In the press release issued on 7th November, Commissioner Margrethe Vestager, in charge of competition policy, said: “Companies should compete based on a sustainable business model rather than relying on continued support by the State to stay in the market. Estonian Air has repeatedly received public subsidies over the past five years but did not carry out the necessary restructuring to become viable as a business. It would not be a good use of taxpayer money to keep Estonian Air in the market artificially – nor would it be fair to competitors, which have to compete without such support.”

The press release noted that the Commission’s investigation had also revealed that Estonian Air “did not have a credible restructuring plan capable of ensuring that the company would become viable without continued state support”. It added that, “the plan did not include sufficient measures aimed at limiting the distortions of competition created by the State support”.

The statement concluded “the repeated public support measures have already given the airline a considerable economic advantage that its competitors did not have. In order to remedy this distortion of competition, Estonian Air now needs to pay back the aid already received (€84.9 million plus interest) to Estonian taxpayers. This is necessary to ensure a level-playing field in the internal market”.

Given that in the other instances where airlines were forced to pay back the so called “undue advantages they had received” e.g. Malév and Cyprus Airways, had led to their demise, the Commission should not have been surprised that the same fate would befall Estonian Air.

So what now?

Firstly the Management Board in deciding to cease all operations, starting from 8th November, noted that “during last year our airline has done a big turnaround and with more capacity provider contracts we proved that Estonian Air can become a sustainable and profitable Regional Airline” “Nevertheless, the European competition authorities deemed our state aid violating the rules” said Jan Palmér, the CEO of Estonian Air. He added that “Estonian Air team is extremely honoured to have made valuable contribution in development of Estonian tourism and economy over 24 years” and said he would “like to thank all Estonian Air employees, customers and partners for making it happen”.

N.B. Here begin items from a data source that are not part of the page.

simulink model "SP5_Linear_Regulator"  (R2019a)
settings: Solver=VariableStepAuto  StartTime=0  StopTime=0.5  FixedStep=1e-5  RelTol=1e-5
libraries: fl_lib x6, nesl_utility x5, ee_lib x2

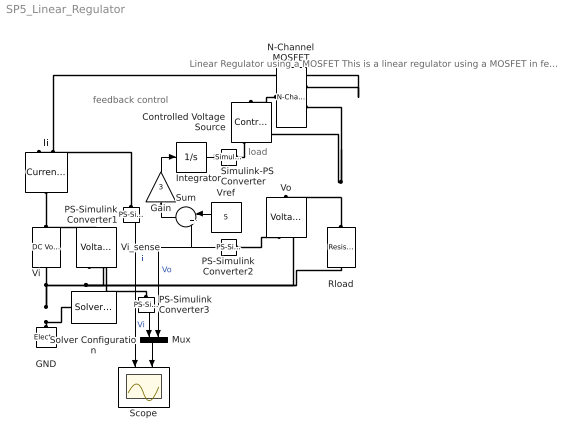
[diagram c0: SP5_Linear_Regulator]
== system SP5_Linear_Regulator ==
  note: Linear Regulator using a MOSFET This is a linear regulator using a MOSFET in feedback control with a resistive load. 1. Assume the input is a 9-V battery. Set the amplitude of Vi to 9 V (double click Vi). 2. Simulate the circuit (click the Run button above). 3. Open the Scope below (double click). Press the "Scale X & Y Axis Limits" to fit data to the screen. 4. Observe the current and voltage waveforms. 5. Notice that the feedback control drives the system to its final steady-state operating point. C1. Capture the two voltage and current waveforms. Q1. What is the steady-state input power? Q2. What is the steady-state output power? Q3. What is the efficiency of the linear regulator? ------------------------------------------------------- Let's say that the load now requires a higher voltage. 6. Change the reference voltage (Vref) to 8 to change the output voltage to 8 V. 7. Simulate the circuit again (click the Run button above). C3. Capture the new two voltage and current waveforms. Q4. What is the new steady-state input power? Q5. What is the new steady-state output power? Q6. What is the new efficiency of the linear regulator? Q7. What input and output conditions lead to high efficiency in the linear regulator? Explain briefly. _________________________________ Play: Try changing the gain value of the feedback control. Observe how the shape of the output voltage waveforms changes. Observe how changing the value affects how quickly the voltage converges to the reference value.
  note: load
  note: feedback control
  Controlled Voltage Source : fl_lib/Electrical/Electrical Sources/Controlled Voltage Source
  GND : fl_lib/Electrical/Electrical Elements/Electrical Reference
  Gain : Gain  Gain=3
  Ii : fl_lib/Electrical/Electrical Sensors/Current Sensor
  Integrator : Integrator
  Mux : Mux  Inputs=2
  N-Channel MOSFET : ee_lib/Semiconductors & Converters/N-Channel MOSFET  parameterization=1  prmDatasheet=1  prmEquCoeff=1  Beta=5.0 A/V^2  Rds=0.025 Ohm  Id=6.0 A  Vgs=10 V  Vth=1.7 V  lam=0 1/V  Tmeas=25 degC  RS=0.0001 Ohm  RD=0.01 Ohm  C_param=1  C_GS=270 pF  C_GD=80 pF  C_DS=0 pF  C_iss=350 pF  C_rss=80 pF  C_oss=0 pF  C_GS_vec=[270, 300, 290, 280, 295, 255] pF  C_GD_vec=[450, 400, 300, 190, 95, 55] pF  C_DS_vec=[450, 410, 390, 230, 175, 115] pF  C_iss_vec=[720, 700, 590, 470, 390, 310] pF  C_rss_vec=[450, 400, 300, 190, 95, 55] pF  C_oss_vec=[900, 810, 690, 420, 270, 170] pF  C_Vds_vec=[.1, .3, 1, 3, 10, 30] V  V_GS_for_cap_data=0 V  charge_linearity_param=1  C_OX=200 pF  V_C_OX=-0.5 V  IsDiode=0 A  Vbi=0.6 V  n=1  Cj0Diode=0 pF  TT=50e-9 s  dVth_dT=-6 mV/K  Rds_T2=0.037 Ohm  Tmeas2=125 degC  BEXDatasheet=-1.5  BEXEquCoeff=-1.5  etaisDatasheet=3  etaisEquCoeff=3  TdeviceDatasheet=25 degC  TdeviceEquCoeff=25 degC  Rth=[1, 10] K/W  thermal_mass_parameterization=1  thermal_mass=[1, 1] J/K  thermal_time_constant=[1, 10] s  thermal_mass_initial_temperatures=[25, 25] degC  betaref=18 A/V^2  Vfbref=-1.1 V  gamma=3.5 V^0.50000  phib2ref=1 V  thesatref=0.4 1/V  alpha=0  Vp=5e-2 V  thesrref=0 1/V  m=8  Tref=25 degC  Cox=1500 pF  Cgso=100 pF  Cgdo=14 pF  Rsref=2e-3 Ohm  Rdref=0.17 Ohm  Rgref=8.4 Ohm  Isref=5.2e-13 A  Cj0=480 pF  Tprm=1  etabet=1.3  Stvfb=5e-4 V/K  Stphib=-8.5e-4 V/K  etasat=1.04  etasr=0.65  etar=0.95  etais=3  Tsim=25 degC  T0=[25, 25] degC
  PS-Simulink Converter1 : nesl_utility/PS-Simulink Converter  PhysicalDomain=network_engine_domain  SubClassName=ps_output  LeftPortType=input  RightPortType=output  PseudoPeriodic=off  Frequencies=[]  Unit=1  AffineConversion=off
  PS-Simulink Converter2 : nesl_utility/PS-Simulink Converter  PhysicalDomain=network_engine_domain  SubClassName=ps_output  LeftPortType=input  RightPortType=output  PseudoPeriodic=off  Frequencies=[]  Unit=1  AffineConversion=off
  PS-Simulink Converter3 : nesl_utility/PS-Simulink Converter  PhysicalDomain=network_engine_domain  SubClassName=ps_output  LeftPortType=input  RightPortType=output  PseudoPeriodic=off  Frequencies=[]  Unit=1  AffineConversion=off
  Rload : ee_lib/Passive/Resistor  R=10 Ohm  R_tol=5  enable_R_tol=0  tol_distribution=1  nSigma=4  enable_operating_limits=0  operating_limit_action=2  max_working_voltage=100 V  power_rating=1 W  enable_faults=0  fault_action=1  R_faulted=inf Ohm  enable_temporal_fault=0  t_fault=1 s  enable_behavioral_fault=0  max_permissible_current=1 A  t_fail_on_current=1 s  noise_mode=0  sample_time=1e-3 s  repeatability=1  auto_seed=4267928862  user_seed=0  Tdevice=25 degC  alpha=3.93e-3 1/K  Tmeas=25 degC  thermal_mass=100 J/K  power_derating_T1=70 degC  power_derating_T2=155 degC  operating_temperature_range_vec=[-50, 150] degC  temperature_specify=off  temperature_priority=High  temperature=298.15 K  temperature_nominal_specify=off  temperature_nominal_unit=K  temperature_nominal_value=1
  Scope : Scope  NumInputPorts=2
  Simulink-PS Converter : nesl_utility/Simulink-PS Converter  PhysicalDomain=network_engine_domain  SubClassName=ps_input  LeftPortType=input  RightPortType=output  PseudoPeriodic=off  Frequencies=[]  NoiseDistribution=none  NoiseParameters=[]  Unit=1  AffineConversion=off  FilteringAndDerivatives=provide  SimscapeFilterOrder=1  InputFilterTimeConstant=0.001  UdotUserProvided=0
  Solver Configuration : nesl_utility/Solver Configuration  PhysicalDomain=network_engine_domain  SubClassName=solver  LeftPortType=input  RightPortType=generic  Tones=[]  Harmonics=[]  SimulateNoise=off  Profile=off  UseLocalSampling=off  EnableSwitchedLinearOptims=on  FrequencyDomain=off  UseCCode=off  RelTol=0.001  AbsTol=1e-06  MinStep=1e-09  ToWorkspace=off  RevertToSquareIcSolve=off  NumHomotopyIterations=100  PhasorMode=off  PhasorModeNumHarmonics=1  DoDC=off  ResidualTolerance=1e-09  UseLocalSolver=off  LocalSolverChoice=NE_BACKWARD_EULER_ADVANCER  LocalSolverSampleTime=0.001  DoFixedCost=off  MaxNonlinIter=3  MaxModeIter=2  LinearAlgebra=auto  EquationFormulation=NE_TIME_EF  DelaysMemoryBudget=1024  AutomaticFiltering=on  FilteringTimeConstant=0.001  PartitionStorageMethod=AS_NEEDED  PartitionMemoryBudget=1024  PartitionMethod=ROBUST
  Sum : Sum  Inputs=|+-
  Vi : fl_lib/Electrical/Electrical Sources/DC Voltage Source  v0=1 V
  Vi_sense : fl_lib/Electrical/Electrical Sensors/Voltage Sensor
  Vo : fl_lib/Electrical/Electrical Sensors/Voltage Sensor
  Vref : Constant  Value=5
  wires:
  PS-Simulink Converter2/1 -> Mux/2, Sum/2  "Vo"
  PS-Simulink Converter3/1 -> Mux/1  "Vi"
  Vref/1 -> Sum/1
  Integrator/1 -> Simulink-PS Converter/1
  Sum/1 -> Gain/1
  Mux/1 -> Scope/2
  PS-Simulink Converter1/1 -> Scope/1  "Ii"
  Gain/1 -> Integrator/1
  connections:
  GND/LConn1 -- Vi_sense/RConn2 -- Rload/RConn1 -- Vo/RConn2 -- Vi/RConn1 -- Solver Configuration/RConn1
  PS-Simulink Converter2/LConn1 -- Vo/RConn1
  Vi/LConn1 -- Vi_sense/LConn1 -- Ii/LConn1
  Ii/RConn2 -- N-Channel MOSFET/RConn1
  Vo/LConn1 -- Controlled Voltage Source/RConn2 -- N-Channel MOSFET/RConn2 -- Rload/LConn1
  N-Channel MOSFET/LConn1 -- Controlled Voltage Source/LConn1
  Controlled Voltage Source/RConn1 -- Simulink-PS Converter/RConn1
  PS-Simulink Converter3/LConn1 -- Vi_sense/RConn1
  PS-Simulink Converter1/LConn1 -- Ii/RConn1

In the aftermath of the suspension of services Estonian Air said it had arranged replacement flights for passengers affected by the grounding for the 8th, 9th and 10th November. Those booked on Estonian Air flights starting 11th November would receive full refunds from the carrier. The Estonian Ministry of Economic Affairs and Communication also confirmed that all flights taking place on 8th, 9th and 10th of November “will be replaced”. In addition, the Ministry had already established a new holding company – Nordic Aviation – in anticipation of the likely EC negative ruling. It had also decided that Nordic Aviation would use the final tranche of €40.7 million for initial capex requirements with domestic and foreign investors being offered stakes in the new national airline. Nordic Aviation Group was founded on 25th September 2015 and the company’s Board Members of the Board are Jaan Tamm, Ahto Pärl and Erik Sakkov. Its Supervisory Council consists of Peeter Tohver, Katrin Rasmann, Toomas Haidak and Toomas Uibo. What the Commission’s view of the Government using this €40.7 million in additional State capital, to effectively replace Estonian Air, is unknown but it is certainly an interesting development.

Nordic Aviation Group takes over Estonian Air routes

In a statement on 7th November, Nordic Aviation Group confirmed that it had been “formed by appointment of Estonian government” and was fully state-owned. Its statement confirmed that it would commence operations “in cooperation with five European flight operators” the following morning, serving eight routes. These were Amsterdam, Brussels, Copenhagen, Stockholm, Oslo, Kiev, Trondheim and Vilnius. It was intended that the first flight operated by Nordic Aviation would depart from Tallin “to Amsterdam at 06:50”.

Trade Air Fokker 100 (IMG6296 JL)

Trade Air Fokker 100

The statement went on; “currently the role of Nordic Aviation is limited to ordering the flights as the company does not have its own fleet nor crew yet. The flights are carried out in cooperation with such airlines as bmi regional, Trade Air, NextJet and Carpatair that provide the fleet and the crews, and Adria Airways that provides the air operator’s certificate (AOC), commercial platform and ticketing system. Thus, the rules of Adria Airways will initially apply on Nordic Aviation flights”.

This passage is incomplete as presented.